▶ WORK ORDER
Set down again each entry exactly as it reads, pictures excluded.
---------- DATA UNDER STUDY ----------
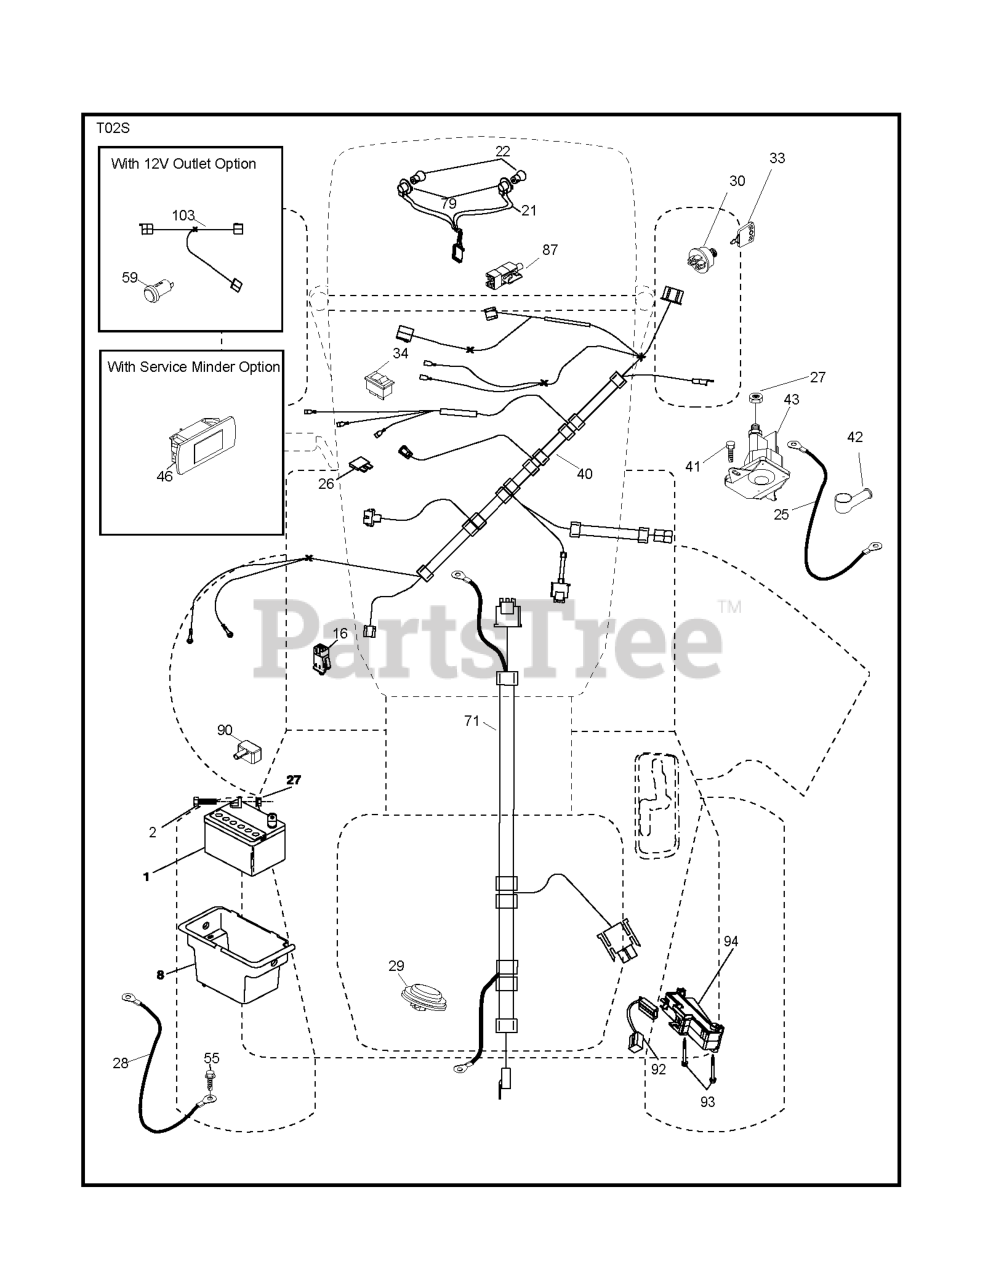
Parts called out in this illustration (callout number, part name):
1	Battery 12 Volt 25 Amp
2	BOLT.HEX.1/4.X.3/4.DICHROMATE
8	BOX.BATTERY.MNT.REAR.L
16	SWITCH INTERLOOK PUSH-IN
21	HARNESS.LIGHT W/4152J BULBS
25	CABLE.STARTER.6GA.BL/RED.14.
26	FUSE 20AMP
27	NUT
28	CABLE.BLACK.18"REAR.BA
29	SWITCH.SEAT.DELTA.OPC.
30	SWITCH.IGN.DELTA.W.LGH.ROS
33	KEY.CHAIN.BLISTER.PACK.GEN.USA
40	HARNESS IGN. DASH
41	SCREW
42	TERMINAL COVER
43	SOLENOID.W/BRASS.PLUNGER
46	RP.GUAGE.SRVCMNDR.HRMTR.
55	SCREW 5/16"
71	HARNESS.IGN.CHASS.TEX.REAR.BAT
79	BULB HOLDER ASM.
87	SWITCH.INTRLCK.CLUTCH.
90	COVER, TERMINAL BATTERY
92	HARNESS.PIGTAIL.CONSLE
93	SCREW.PLASTITE
94	MODULE.REVERSE.ROS
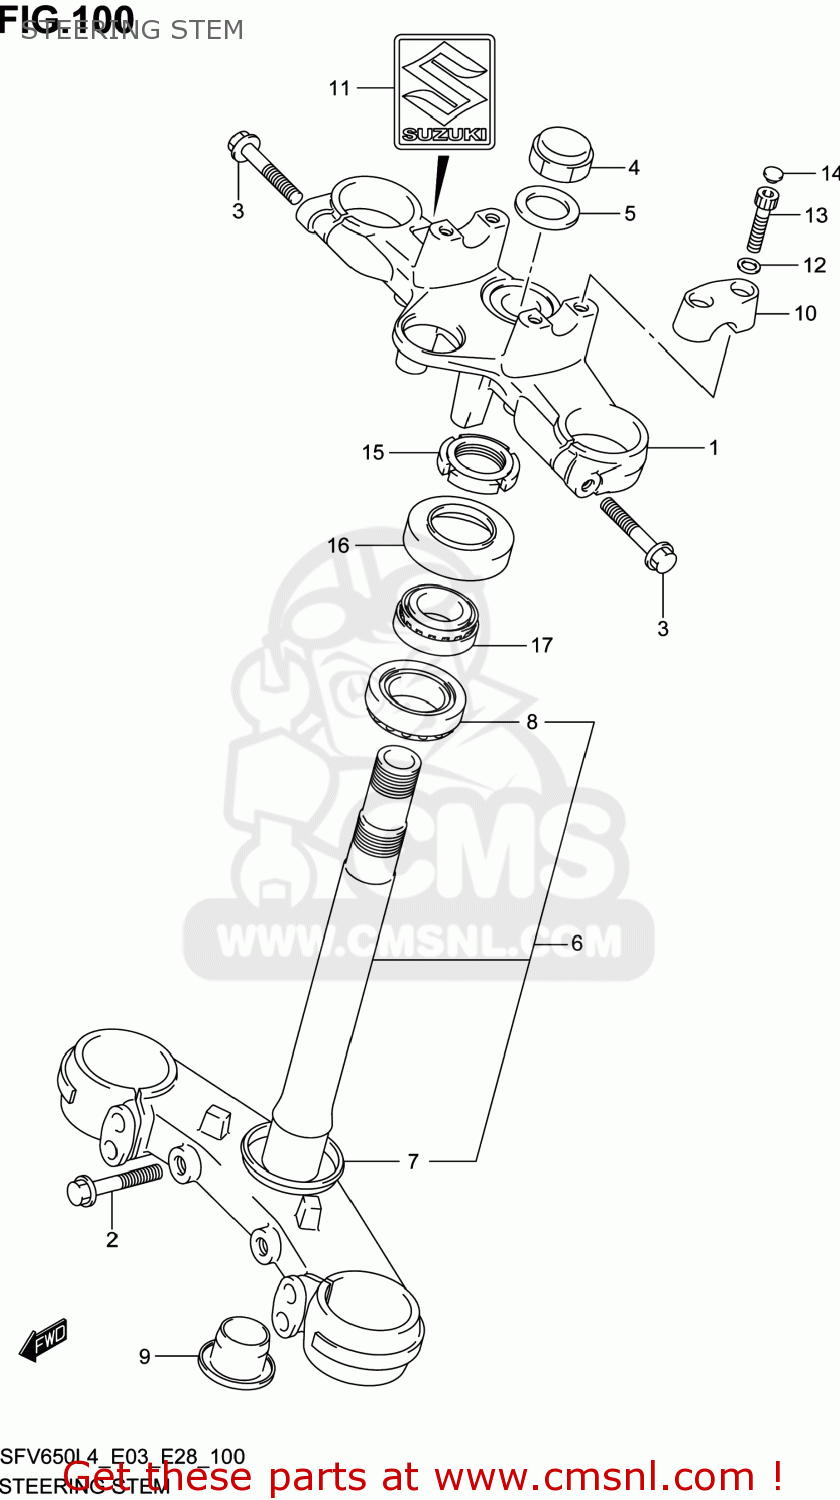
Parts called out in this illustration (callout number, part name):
1	HEAD,STEERING STEM
2	BOLT
3	BOLT
4	NUT,CAP
5	WASHER
6	STEM,STEERING
7	SEAL,STEERING LWR
8	BEARING(30X55X17)
9	CAP
10	HOLDER,HANDLE
11	EMBLEM,"S"
12	WASHER
13	BOLT
14	CAP(OD:11)
15	NUT,STEERING STEM
16	DUST SEAL,STEERING UPR
17	BEARING(25X47X15)
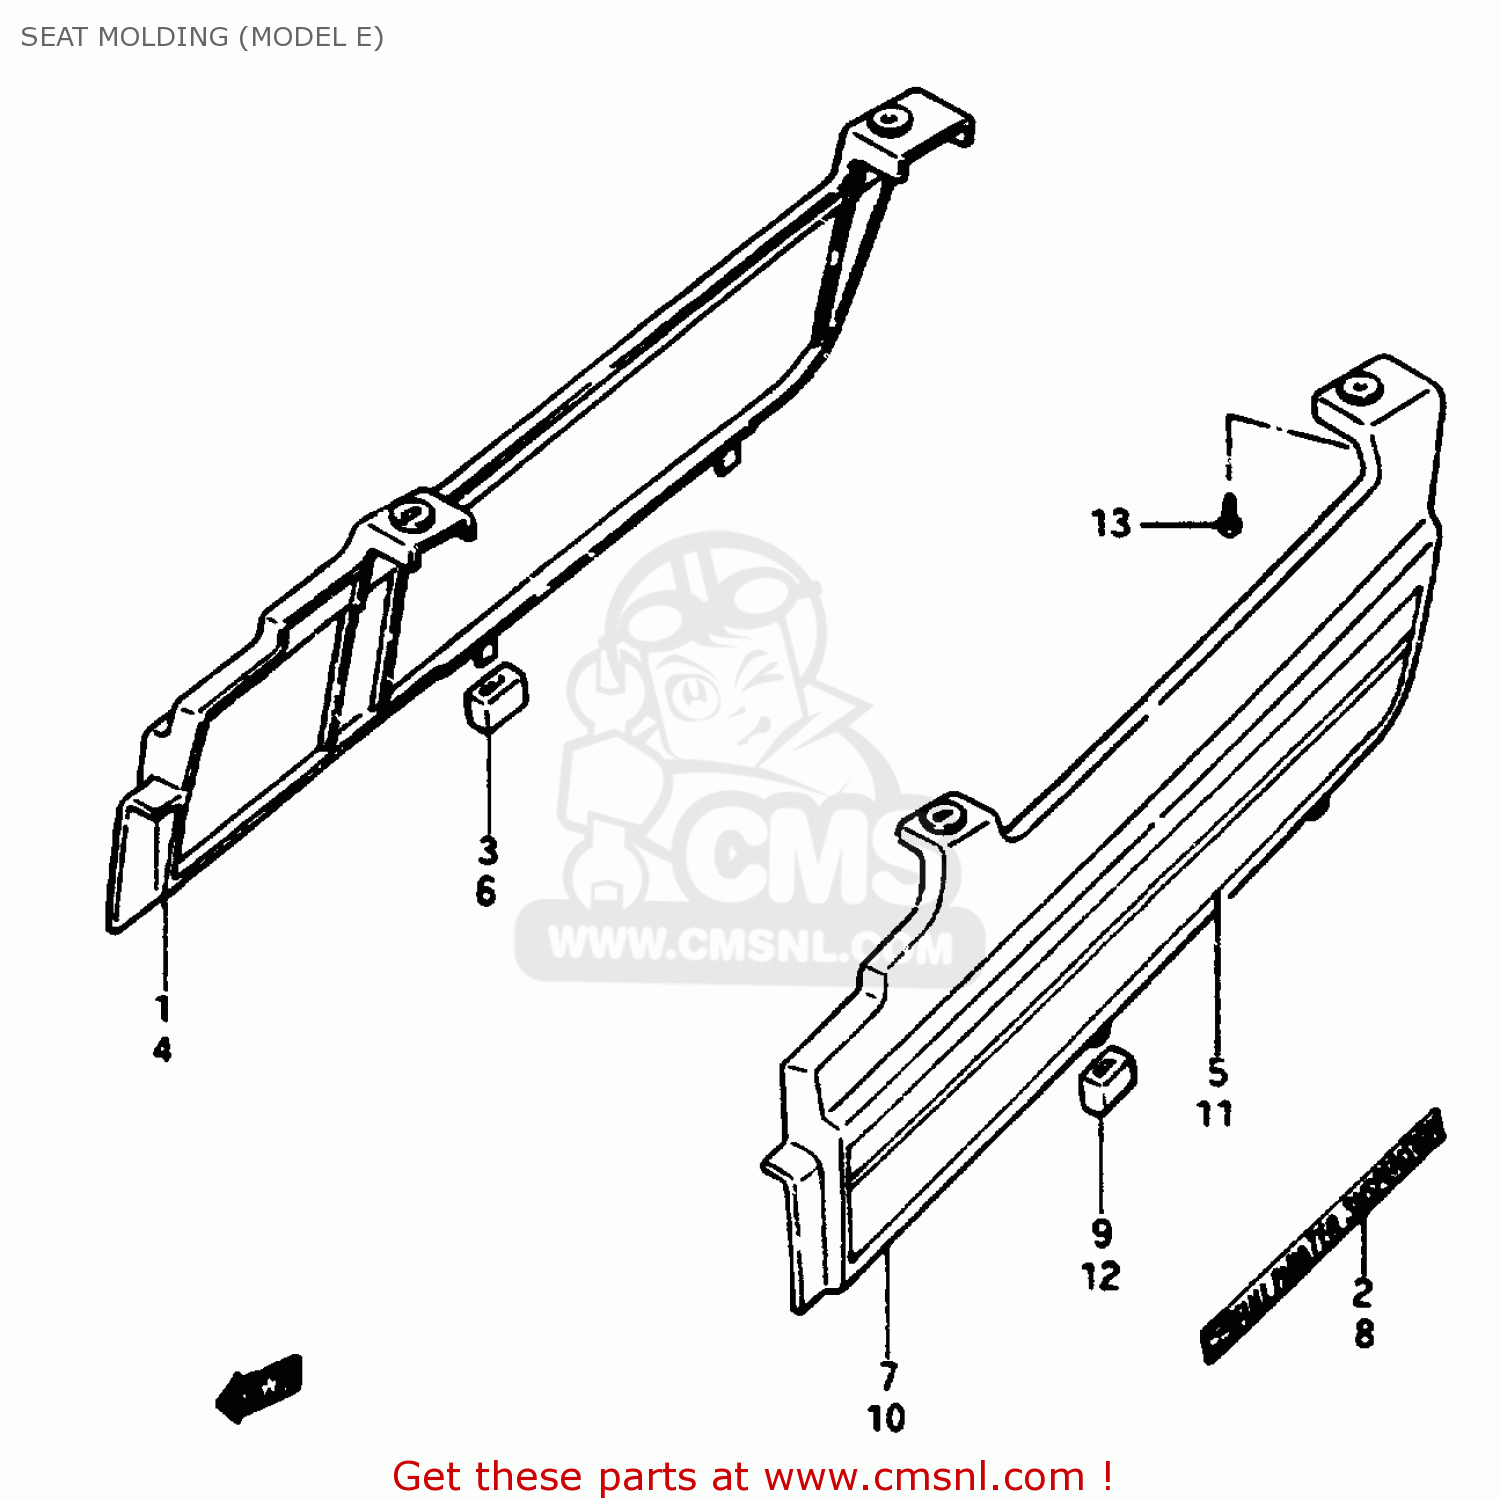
----------
▶ SOLUTION FOR THIS EXERCISE
Parts called out in this illustration (callout number, part name):
1	Battery 12 Volt 25 Amp
2	BOLT.HEX.1/4.X.3/4.DICHROMATE
8	BOX.BATTERY.MNT.REAR.L
16	SWITCH INTERLOOK PUSH-IN
21	HARNESS.LIGHT W/4152J BULBS
25	CABLE.STARTER.6GA.BL/RED.14.
26	FUSE 20AMP
27	NUT
28	CABLE.BLACK.18"REAR.BA
29	SWITCH.SEAT.DELTA.OPC.
30	SWITCH.IGN.DELTA.W.LGH.ROS
33	KEY.CHAIN.BLISTER.PACK.GEN.USA
40	HARNESS IGN. DASH
41	SCREW
42	TERMINAL COVER
43	SOLENOID.W/BRASS.PLUNGER
46	RP.GUAGE.SRVCMNDR.HRMTR.
55	SCREW 5/16"
71	HARNESS.IGN.CHASS.TEX.REAR.BAT
79	BULB HOLDER ASM.
87	SWITCH.INTRLCK.CLUTCH.
90	COVER, TERMINAL BATTERY
92	HARNESS.PIGTAIL.CONSLE
93	SCREW.PLASTITE
94	MODULE.REVERSE.ROS
Parts called out in this illustration (callout number, part name):
1	HEAD,STEERING STEM
2	BOLT
3	BOLT
4	NUT,CAP
5	WASHER
6	STEM,STEERING
7	SEAL,STEERING LWR
8	BEARING(30X55X17)
9	CAP
10	HOLDER,HANDLE
11	EMBLEM,"S"
12	WASHER
13	BOLT
14	CAP(OD:11)
15	NUT,STEERING STEM
16	DUST SEAL,STEERING UPR
17	BEARING(25X47X15)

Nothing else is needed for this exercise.